Yes - a private limited company (a “Ltd”) can sell shares. In practice, this usually happens in one of two ways:
- Share transfer: an existing shareholder sells some (or all) of their shares to someone else.
- Share issue (new shares): the company creates and issues new shares to an investor or new co-owner, usually in exchange for money (and sometimes other non-cash consideration, but this needs to be structured and documented carefully).
Both routes are common for startups and SMEs, but the legal process and tax/filing implications can differ.
Also, while a private company can sell shares, it usually can’t offer shares to the general public in the same way a public company can. Private share sales are typically done via private arrangements (for example, with founders, angel investors, friends and family investors, or strategic partners).
In other words: you can sell shares - but you’ll want to do it in a controlled, compliant way.
Why Private Companies Sell Shares
From a small business perspective, selling shares typically happens when you want to:
- Raise capital without taking on debt
- Bring in a co-founder or key operator with “skin in the game”
- Enable an investor to buy into the business
- Allow an exiting shareholder to cash out
- Set up a longer-term pathway toward an acquisition or management buyout
Whatever your goal, it’s worth remembering that shares aren’t “just money” - selling shares changes ownership, voting power, and often day-to-day control of your company.
What Rules Apply When A Private Company Sells Shares?
Before you agree a price or shake hands on a deal, there are a few key legal constraints that usually apply to private limited companies.
1. Check Your Articles Of Association (And Any Restrictions)
Your company’s Articles of Association are effectively its internal rulebook.
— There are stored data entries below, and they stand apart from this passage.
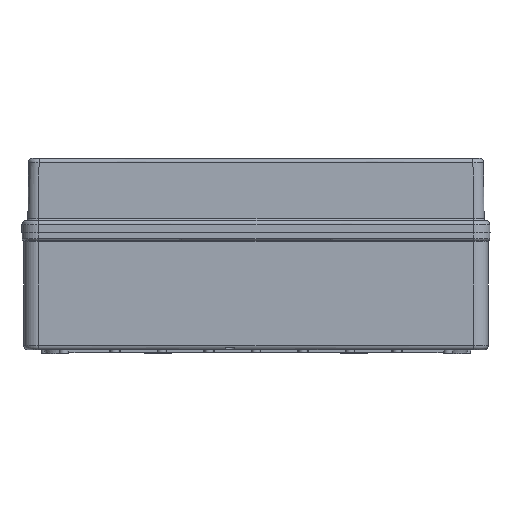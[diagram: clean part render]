
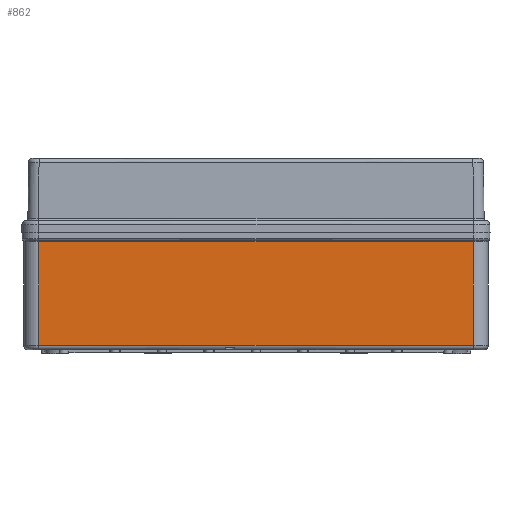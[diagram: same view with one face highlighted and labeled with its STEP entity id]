
A CAD part, front view. The second image highlights one B-rep face of the part: STEP entity #862.
In plain terms, the highlighted planar face has unit normal (0, -1, 0).
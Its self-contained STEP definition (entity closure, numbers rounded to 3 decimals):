
#400=B_SPLINE_CURVE_WITH_KNOTS('',3,(#8550,#8551,#8552,#8553,#8554,#8555,
#8556,#8557,#8558,#8559,#8560,#8561,#8562),.UNSPECIFIED.,.F.,.F.,(4,3,3,
3,4),(0.,0.017,0.084,0.352,1.),
 .UNSPECIFIED.);
#721=PLANE('',#6192);
#862=ADVANCED_FACE('',(#1240),#721,.F.);
#1240=FACE_OUTER_BOUND('',#1511,.T.);
#1511=EDGE_LOOP('',(#2789,#2790,#2791,#2792));
#1786=LINE('',#8078,#2184);
#1893=LINE('',#8548,#2291);
#1894=LINE('',#8549,#2292);
#2184=VECTOR('',#6623,1.);
#2291=VECTOR('',#6950,1.);
#2292=VECTOR('',#6951,1.);
#2789=ORIENTED_EDGE('',*,*,#4994,.T.);
#2790=ORIENTED_EDGE('',*,*,#4995,.T.);
#2791=ORIENTED_EDGE('',*,*,#4996,.F.);
#2792=ORIENTED_EDGE('',*,*,#4812,.F.);
#4115=VERTEX_POINT('',#8072);
#4118=VERTEX_POINT('',#8077);
#4234=VERTEX_POINT('',#8380);
#4239=VERTEX_POINT('',#8391);
#4812=EDGE_CURVE('',#4118,#4115,#1786,.T.);
#4994=EDGE_CURVE('',#4118,#4239,#1893,.T.);
#4995=EDGE_CURVE('',#4239,#4234,#1894,.T.);
#4996=EDGE_CURVE('',#4115,#4234,#400,.T.);
#6192=AXIS2_PLACEMENT_3D('',#8563,#6952,#6953);
#6623=DIRECTION('',(0.,0.,1.));
#6950=DIRECTION('',(1.,0.,0.));
#6951=DIRECTION('',(0.,0.,1.));
#6952=DIRECTION('',(0.,1.,0.));
#6953=DIRECTION('',(0.,0.,1.));
#8072=CARTESIAN_POINT('',(-143.3,-193.,71.3));
#8077=CARTESIAN_POINT('',(-143.3,-193.,3.));
#8078=CARTESIAN_POINT('',(-143.3,-193.,71.31));
#8380=CARTESIAN_POINT('',(143.3,-193.,71.3));
#8391=CARTESIAN_POINT('',(143.3,-193.,3.));
#8548=CARTESIAN_POINT('',(0.,-193.,3.));
#8549=CARTESIAN_POINT('',(143.3,-193.,37.15));
#8550=CARTESIAN_POINT('',(-143.3,-193.,71.3));
#8551=CARTESIAN_POINT('',(-141.7,-193.,71.3));
#8552=CARTESIAN_POINT('',(-140.1,-193.,71.3));
#8553=CARTESIAN_POINT('',(-138.5,-193.,71.3));
#8554=CARTESIAN_POINT('',(-132.1,-193.,71.3));
#8555=CARTESIAN_POINT('',(-125.7,-193.,71.3));
#8556=CARTESIAN_POINT('',(-119.3,-193.,71.3));
#8557=CARTESIAN_POINT('',(-93.7,-193.,71.3));
#8558=CARTESIAN_POINT('',(-68.1,-193.,71.3));
#8559=CARTESIAN_POINT('',(-42.5,-193.,71.3));
#8560=CARTESIAN_POINT('',(19.433,-193.,71.3));
#8561=CARTESIAN_POINT('',(81.367,-193.,71.3));
#8562=CARTESIAN_POINT('',(143.3,-193.,71.3));
#8563=CARTESIAN_POINT('',(0.,-193.,37.15));

Many private companies have restrictions on:
- who shares can be transferred to
- whether directors can refuse to register a transfer
- whether other shareholders get “first refusal” (pre-emption rights) before shares can be sold to an outsider
If you don’t check these restrictions first, you can end up negotiating a deal you can’t complete (or that triggers disputes between shareholders).
A good first step is reviewing your Articles of association to confirm what’s allowed and what approvals are required.
2. Pre-Emption Rights (Existing Shareholders May Get First Dibs)
Pre-emption rights are a common feature in private companies. They usually mean:
- if a shareholder wants to sell shares, they must offer them to existing shareholders first (often at the same price/terms), and only sell to a third party if the others don’t buy
- if the company issues new shares, existing shareholders may have a right to subscribe for new shares first, so they can maintain their percentage ownership
These rights can be in your Articles, or in a separate shareholders agreement (or both).
3. You Can’t Do A Public Offer (In Most Cases)
Private companies generally raise money through private routes - not by advertising a broad public share offer. Depending on how you market your fundraising, you could stray into regulated territory (including the UK financial promotions regime), which is a risk you’ll want to manage carefully. This article is general information only and isn’t FCA or financial advice.
This doesn’t mean you can’t raise investment - it just means you should structure your approach properly, keep it targeted, and document it carefully.
4. Directors’ Duties Still Apply
Even in a founder-led business, directors must act in the company’s best interests (including duties under the Companies Act 2006). If you’re issuing shares, directors should be able to justify why the terms are fair and beneficial to the company.
That’s especially important where:
- new shares are issued at a low valuation
- some shareholders are treated differently to others
- the investor is connected to existing directors or shareholders
Good paperwork and proper approvals help reduce the risk of future disputes.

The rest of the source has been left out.